# ADC Signal conditioning. Transform 1V-4V to a 0V-5V signal, how can I do it?

Hi im doing a project for college and I got some doubts about signal conditioning. Im using a SS49E, hall sensor and, from what I have seen in the data sheets, the analog output gives values between 1v-4v. I want to read the analog output in the uC(ATMEGA88) with values between 0v-5v. How can I do that? This is a subject in the college that is supposed to teach me how to manually condition a signal, so I can't change the code. Thanks in advance.

• Why bother unless you really need the resolution? Feed it straight in and scale it in the code. Commented Mar 20, 2018 at 17:18
• can you link to the datasheet? Commented Mar 20, 2018 at 17:19
• Otherwise, use an op amp Commented Mar 20, 2018 at 17:19
• This is a subject in the college that is supposed to teach me how to manually condition a signal. I thought about your ideia, but my professor told me I couldn't do it. Commented Mar 20, 2018 at 17:19
• What supply voltages have you got available? Commented Mar 20, 2018 at 17:24

Use an inverting Op-Amp configuration with a gain of $\frac53$ to scale your (4-1)V = 3V range to a 5V range. Then, use another opamp to add that to a constant 2V source.

Implementation's up to you, Opamp circuits can easily found on the internet (wikipedia!) and easy to implement, so this is actually more help then you should have needed as a college student.
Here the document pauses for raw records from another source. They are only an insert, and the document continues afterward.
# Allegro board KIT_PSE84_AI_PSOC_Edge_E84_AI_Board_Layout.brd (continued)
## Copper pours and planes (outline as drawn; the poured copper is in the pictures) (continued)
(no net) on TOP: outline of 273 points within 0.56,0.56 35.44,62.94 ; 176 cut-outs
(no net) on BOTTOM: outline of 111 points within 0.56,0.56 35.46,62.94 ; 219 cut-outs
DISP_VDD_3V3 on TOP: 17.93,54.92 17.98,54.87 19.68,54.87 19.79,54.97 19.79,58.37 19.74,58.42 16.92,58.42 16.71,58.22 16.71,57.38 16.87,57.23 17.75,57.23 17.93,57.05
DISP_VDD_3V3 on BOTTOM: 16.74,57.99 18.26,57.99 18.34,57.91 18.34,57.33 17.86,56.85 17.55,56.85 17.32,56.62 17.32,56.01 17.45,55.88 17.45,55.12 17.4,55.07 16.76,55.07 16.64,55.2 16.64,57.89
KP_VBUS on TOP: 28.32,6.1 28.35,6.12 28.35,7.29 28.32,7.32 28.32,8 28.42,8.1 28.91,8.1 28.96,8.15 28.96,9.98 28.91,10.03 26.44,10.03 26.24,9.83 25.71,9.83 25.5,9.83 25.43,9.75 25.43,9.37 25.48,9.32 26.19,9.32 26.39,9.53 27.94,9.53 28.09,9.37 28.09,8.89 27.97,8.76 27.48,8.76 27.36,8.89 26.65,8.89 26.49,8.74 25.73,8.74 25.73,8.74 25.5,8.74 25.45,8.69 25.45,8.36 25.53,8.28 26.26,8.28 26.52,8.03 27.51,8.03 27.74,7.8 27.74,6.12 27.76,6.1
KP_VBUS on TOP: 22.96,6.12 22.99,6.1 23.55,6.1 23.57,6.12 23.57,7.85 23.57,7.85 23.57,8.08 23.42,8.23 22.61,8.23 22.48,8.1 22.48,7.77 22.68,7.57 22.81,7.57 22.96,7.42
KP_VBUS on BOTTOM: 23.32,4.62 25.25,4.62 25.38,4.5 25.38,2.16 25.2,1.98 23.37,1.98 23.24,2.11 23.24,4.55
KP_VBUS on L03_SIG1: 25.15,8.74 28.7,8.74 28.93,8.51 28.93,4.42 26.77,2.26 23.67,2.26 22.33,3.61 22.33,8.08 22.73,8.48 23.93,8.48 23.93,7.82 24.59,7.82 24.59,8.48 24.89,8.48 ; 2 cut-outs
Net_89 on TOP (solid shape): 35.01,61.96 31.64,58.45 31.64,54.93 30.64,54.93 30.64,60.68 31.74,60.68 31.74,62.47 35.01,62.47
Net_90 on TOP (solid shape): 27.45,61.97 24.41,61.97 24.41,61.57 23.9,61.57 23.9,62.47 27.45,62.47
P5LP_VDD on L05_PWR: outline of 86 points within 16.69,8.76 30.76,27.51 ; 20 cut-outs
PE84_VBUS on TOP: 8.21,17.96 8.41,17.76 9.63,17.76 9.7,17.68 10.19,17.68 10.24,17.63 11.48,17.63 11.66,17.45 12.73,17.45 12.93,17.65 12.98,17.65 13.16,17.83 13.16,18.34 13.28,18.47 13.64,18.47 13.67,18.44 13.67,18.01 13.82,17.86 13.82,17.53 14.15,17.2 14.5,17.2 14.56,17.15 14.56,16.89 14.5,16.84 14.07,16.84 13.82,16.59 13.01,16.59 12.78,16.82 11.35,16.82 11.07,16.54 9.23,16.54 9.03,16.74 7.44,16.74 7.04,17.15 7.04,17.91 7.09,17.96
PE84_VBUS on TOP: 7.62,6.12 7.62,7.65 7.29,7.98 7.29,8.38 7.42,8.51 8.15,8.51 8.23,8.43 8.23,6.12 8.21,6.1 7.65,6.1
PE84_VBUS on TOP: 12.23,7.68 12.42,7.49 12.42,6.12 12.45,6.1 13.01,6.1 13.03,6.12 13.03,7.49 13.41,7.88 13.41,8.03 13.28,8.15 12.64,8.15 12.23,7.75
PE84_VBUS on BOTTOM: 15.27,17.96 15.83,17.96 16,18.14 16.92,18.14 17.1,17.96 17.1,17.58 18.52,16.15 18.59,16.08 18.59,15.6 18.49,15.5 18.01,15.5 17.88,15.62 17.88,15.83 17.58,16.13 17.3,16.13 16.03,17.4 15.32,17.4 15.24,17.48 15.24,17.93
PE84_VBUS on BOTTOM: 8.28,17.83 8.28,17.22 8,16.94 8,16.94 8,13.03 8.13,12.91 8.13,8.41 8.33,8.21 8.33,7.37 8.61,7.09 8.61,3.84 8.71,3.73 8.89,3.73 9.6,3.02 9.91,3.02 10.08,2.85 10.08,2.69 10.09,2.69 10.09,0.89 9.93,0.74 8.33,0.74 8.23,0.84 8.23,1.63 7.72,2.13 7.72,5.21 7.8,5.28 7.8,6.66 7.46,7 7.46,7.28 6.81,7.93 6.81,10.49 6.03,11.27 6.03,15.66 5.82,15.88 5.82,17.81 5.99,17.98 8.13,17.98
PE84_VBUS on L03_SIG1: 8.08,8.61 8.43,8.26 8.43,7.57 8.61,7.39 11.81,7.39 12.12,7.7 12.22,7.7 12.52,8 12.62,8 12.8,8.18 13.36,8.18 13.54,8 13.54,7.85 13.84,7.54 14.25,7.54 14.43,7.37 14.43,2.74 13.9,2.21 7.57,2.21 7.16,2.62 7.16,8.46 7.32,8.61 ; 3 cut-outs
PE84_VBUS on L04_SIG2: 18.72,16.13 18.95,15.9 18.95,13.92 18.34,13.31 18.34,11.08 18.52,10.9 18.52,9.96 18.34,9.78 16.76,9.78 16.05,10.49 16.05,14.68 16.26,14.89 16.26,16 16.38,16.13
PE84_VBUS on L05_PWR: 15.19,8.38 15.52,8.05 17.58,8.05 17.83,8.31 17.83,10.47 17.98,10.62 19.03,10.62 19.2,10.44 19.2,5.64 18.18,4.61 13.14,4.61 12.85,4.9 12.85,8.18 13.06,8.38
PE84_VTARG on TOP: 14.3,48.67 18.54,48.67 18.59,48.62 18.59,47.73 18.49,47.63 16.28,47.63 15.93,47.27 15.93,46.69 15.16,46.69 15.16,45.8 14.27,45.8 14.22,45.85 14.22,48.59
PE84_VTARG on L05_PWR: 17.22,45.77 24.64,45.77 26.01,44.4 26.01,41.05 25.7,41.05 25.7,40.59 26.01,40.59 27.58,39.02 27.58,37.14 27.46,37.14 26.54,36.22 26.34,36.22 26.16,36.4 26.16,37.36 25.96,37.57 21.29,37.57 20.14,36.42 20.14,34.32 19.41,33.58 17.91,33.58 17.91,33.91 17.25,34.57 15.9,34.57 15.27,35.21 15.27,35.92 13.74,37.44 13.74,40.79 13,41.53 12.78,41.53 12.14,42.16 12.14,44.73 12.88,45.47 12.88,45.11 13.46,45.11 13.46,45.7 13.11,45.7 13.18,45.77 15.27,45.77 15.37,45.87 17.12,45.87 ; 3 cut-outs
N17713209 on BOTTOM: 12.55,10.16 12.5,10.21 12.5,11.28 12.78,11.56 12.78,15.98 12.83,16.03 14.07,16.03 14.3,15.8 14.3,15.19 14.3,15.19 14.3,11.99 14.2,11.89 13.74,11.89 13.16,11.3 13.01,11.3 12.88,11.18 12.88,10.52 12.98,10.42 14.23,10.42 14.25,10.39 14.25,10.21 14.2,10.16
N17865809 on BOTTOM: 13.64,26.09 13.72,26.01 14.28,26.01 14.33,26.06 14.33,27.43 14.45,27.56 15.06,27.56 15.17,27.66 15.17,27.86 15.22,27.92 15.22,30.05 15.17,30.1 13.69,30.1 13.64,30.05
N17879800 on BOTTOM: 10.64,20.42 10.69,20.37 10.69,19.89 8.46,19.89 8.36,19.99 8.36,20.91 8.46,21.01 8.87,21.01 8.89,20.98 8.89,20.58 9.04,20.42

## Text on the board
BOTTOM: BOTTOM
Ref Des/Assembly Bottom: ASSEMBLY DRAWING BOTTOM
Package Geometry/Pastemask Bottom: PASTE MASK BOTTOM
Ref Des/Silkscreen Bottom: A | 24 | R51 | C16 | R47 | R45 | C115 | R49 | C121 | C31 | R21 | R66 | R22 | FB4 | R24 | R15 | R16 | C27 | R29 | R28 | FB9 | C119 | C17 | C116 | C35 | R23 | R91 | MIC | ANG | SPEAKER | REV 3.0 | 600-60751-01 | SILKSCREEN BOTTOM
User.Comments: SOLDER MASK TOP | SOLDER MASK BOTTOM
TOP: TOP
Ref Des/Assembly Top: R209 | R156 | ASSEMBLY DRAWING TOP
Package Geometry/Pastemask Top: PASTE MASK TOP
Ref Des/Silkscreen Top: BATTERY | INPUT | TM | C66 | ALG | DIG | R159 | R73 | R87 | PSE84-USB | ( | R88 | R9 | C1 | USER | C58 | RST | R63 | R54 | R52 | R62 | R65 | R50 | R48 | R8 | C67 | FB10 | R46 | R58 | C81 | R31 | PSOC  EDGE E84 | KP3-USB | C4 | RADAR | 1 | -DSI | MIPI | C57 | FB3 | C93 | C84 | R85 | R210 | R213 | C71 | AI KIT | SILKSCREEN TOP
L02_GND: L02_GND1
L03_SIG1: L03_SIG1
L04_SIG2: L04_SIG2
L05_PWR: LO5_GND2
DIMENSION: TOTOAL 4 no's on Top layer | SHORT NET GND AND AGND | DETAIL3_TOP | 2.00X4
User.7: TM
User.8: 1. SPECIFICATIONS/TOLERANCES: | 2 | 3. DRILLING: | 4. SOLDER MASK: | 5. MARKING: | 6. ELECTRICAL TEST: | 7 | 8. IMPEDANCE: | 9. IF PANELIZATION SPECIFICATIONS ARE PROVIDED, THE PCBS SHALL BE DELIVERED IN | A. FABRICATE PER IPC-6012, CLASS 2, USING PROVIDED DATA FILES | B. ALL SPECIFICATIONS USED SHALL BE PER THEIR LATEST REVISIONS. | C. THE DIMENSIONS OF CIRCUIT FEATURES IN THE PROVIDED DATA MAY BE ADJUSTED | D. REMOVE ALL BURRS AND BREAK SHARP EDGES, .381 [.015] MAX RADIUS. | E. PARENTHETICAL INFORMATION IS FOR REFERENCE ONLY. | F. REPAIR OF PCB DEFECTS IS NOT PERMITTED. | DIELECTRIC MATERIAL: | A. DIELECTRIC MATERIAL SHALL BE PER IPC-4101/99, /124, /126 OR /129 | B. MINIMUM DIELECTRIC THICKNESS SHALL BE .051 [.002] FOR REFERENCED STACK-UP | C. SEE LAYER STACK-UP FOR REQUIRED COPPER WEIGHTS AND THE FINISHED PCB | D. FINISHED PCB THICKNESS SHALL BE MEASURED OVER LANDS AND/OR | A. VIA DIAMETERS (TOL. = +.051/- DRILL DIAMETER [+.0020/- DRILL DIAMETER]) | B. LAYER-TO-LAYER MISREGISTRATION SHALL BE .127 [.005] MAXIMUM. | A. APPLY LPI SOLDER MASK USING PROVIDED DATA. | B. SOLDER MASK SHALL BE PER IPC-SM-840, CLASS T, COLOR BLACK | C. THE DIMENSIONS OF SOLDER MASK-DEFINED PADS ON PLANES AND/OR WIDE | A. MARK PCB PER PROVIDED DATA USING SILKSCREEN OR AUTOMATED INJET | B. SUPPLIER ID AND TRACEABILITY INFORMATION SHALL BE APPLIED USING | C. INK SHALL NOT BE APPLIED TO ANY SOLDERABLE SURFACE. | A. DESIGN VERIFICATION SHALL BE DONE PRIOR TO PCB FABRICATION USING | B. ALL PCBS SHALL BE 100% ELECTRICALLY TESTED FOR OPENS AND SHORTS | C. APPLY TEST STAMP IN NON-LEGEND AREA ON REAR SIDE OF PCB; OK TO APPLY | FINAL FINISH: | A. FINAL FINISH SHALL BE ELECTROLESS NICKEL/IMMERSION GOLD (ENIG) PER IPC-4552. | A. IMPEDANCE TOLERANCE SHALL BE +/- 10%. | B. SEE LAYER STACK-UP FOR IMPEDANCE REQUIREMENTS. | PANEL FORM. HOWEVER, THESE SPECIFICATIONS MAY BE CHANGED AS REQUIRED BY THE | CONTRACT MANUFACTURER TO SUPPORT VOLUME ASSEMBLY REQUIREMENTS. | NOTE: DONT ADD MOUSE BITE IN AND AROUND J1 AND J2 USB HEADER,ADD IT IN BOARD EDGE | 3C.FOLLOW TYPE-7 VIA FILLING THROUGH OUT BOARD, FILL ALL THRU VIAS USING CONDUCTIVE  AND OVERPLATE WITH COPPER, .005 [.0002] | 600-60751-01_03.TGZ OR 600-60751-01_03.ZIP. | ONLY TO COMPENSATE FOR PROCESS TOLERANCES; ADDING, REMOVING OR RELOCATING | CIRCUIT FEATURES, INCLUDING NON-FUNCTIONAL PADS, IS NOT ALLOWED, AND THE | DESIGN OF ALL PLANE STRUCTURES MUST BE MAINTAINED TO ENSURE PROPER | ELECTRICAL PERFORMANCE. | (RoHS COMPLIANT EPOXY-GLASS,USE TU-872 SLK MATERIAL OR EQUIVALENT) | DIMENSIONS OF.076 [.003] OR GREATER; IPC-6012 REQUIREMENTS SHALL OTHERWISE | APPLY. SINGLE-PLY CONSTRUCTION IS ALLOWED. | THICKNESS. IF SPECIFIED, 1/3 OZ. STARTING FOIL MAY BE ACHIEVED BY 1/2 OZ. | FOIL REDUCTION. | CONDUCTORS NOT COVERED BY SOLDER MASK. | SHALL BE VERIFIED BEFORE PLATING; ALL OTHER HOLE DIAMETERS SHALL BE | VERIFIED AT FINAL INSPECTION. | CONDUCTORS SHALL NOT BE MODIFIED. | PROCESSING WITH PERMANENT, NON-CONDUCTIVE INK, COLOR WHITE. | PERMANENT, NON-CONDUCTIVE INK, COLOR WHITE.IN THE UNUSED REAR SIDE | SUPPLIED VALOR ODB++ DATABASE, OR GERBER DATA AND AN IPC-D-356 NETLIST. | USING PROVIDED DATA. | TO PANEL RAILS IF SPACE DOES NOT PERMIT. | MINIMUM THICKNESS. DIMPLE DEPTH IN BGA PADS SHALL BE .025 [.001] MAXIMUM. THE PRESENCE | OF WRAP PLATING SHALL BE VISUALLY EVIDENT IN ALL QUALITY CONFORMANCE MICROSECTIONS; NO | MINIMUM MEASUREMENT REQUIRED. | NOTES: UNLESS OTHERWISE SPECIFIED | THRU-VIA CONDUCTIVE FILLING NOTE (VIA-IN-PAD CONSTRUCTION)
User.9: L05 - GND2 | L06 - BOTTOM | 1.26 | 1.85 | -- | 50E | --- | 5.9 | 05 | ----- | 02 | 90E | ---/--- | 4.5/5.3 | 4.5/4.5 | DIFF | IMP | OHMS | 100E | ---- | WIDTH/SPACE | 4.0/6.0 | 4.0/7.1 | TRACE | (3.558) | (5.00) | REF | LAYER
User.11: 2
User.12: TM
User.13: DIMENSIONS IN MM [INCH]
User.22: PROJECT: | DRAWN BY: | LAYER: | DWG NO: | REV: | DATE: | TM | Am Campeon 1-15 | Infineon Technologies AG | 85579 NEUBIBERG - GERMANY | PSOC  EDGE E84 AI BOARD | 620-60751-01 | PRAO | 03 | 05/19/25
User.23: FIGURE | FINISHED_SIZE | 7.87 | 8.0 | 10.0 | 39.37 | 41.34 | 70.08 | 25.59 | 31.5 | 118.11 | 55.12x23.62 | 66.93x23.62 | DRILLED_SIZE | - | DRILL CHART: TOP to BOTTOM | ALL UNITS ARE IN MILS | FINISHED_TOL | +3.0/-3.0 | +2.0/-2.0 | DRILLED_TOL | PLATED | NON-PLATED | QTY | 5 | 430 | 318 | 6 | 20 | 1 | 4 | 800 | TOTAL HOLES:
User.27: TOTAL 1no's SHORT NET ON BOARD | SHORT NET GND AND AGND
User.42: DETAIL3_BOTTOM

I would have answered with a link, however, this is a trap!

Let's have a look at the sensor datasheet page 3. The sensor's output is able to source up to 1mA (minimum guaranteed) however the schematic at the bottom of the page shows the output can only sink a current of 65 µA.

Thus we have to be careful not to use a circuit that would require the sensor's output to sink more current than this. For example an inverting opamp configuration would need high value resistors.

So, consider an inverting opamp with a gain of 5/3. The positive input of the inverting opamp should be at midsupply, biased by resistors, to ensure the output range is correct. I'm trying not to give you a solution that's too easy, therefore no schematic!

Output voltage would be inverted (1-4V in to 5-0V out instead of 0-5V), but you can fix that in software, there is no reason to add another opamp to invert it again.

Now, calculate the max current that the sensor's output will have to sink when its output is 1V, depending on the opamp's feedback resistor. Pick a resistor value that doesn't exceed the 65µA limit (or let's be safe and say 30µA). This will probably need a FET opamp.

Now check opamp input current and noise due to resistors, and decide if you will add another opamp before as a voltage follower to be able to use lower value feedback resistors. Your call.

Opamps will need to be rail to rail output if supplied from 5V.

Note this is fine as an exercise but in a real design you wouldn't want to use the last fraction of volt near the rails, as rail to rail opamps performance does degrade a bit close to the rails... and in this case, adding an opamp isn't worth it since the signal is large enough for your ADC.

• UM No.. THat is not how I read that diagram. It looks like it can source the currents they define in the low mA range but can only SINK current in the uA range. As long as you are driving a load that goes to ground, or virtual ground, you will be ok. Commented Mar 20, 2018 at 19:57
• @Trevor_G I agree with your reading of the diagram. The conditioning circuit would be an opamp wired as inverter with IN+ at 2.5V instead of 0V since this is single supply and 2.5V is the center of the range that has to be amplified. If the sensor's output voltage is lower than 2.5V then the sensor will have to sink current from the opamp... in this case the sensor's load is a resistor tied to 2.5V, not GND. I don't want to draw a schematic because OP should do a bit of effort... Commented Mar 20, 2018 at 20:15
• YUp I absolutely get where you are going but your wording seems to be less than clear. You say "For example an inverting opamp configuration would need high value resistors." then go on to say.. consider using one... Commented Mar 20, 2018 at 21:06

I think I would do it this way.

(Well actually I would not do it at all and let the micro handle it as is.. but hey... that wasn't the question.)

simulate this circuit – Schematic created using CircuitLab

R3 provides the load for the hall sensor to keep it sourcing current. The voltage over that resistor is then amplified by OA1 around the buffered half rail bias voltage provided by R1,R2 and OA2.

Note, nothing inverts in this circuit.

R6, D1 and D2, ensure the op-amps can never over-drive the next device.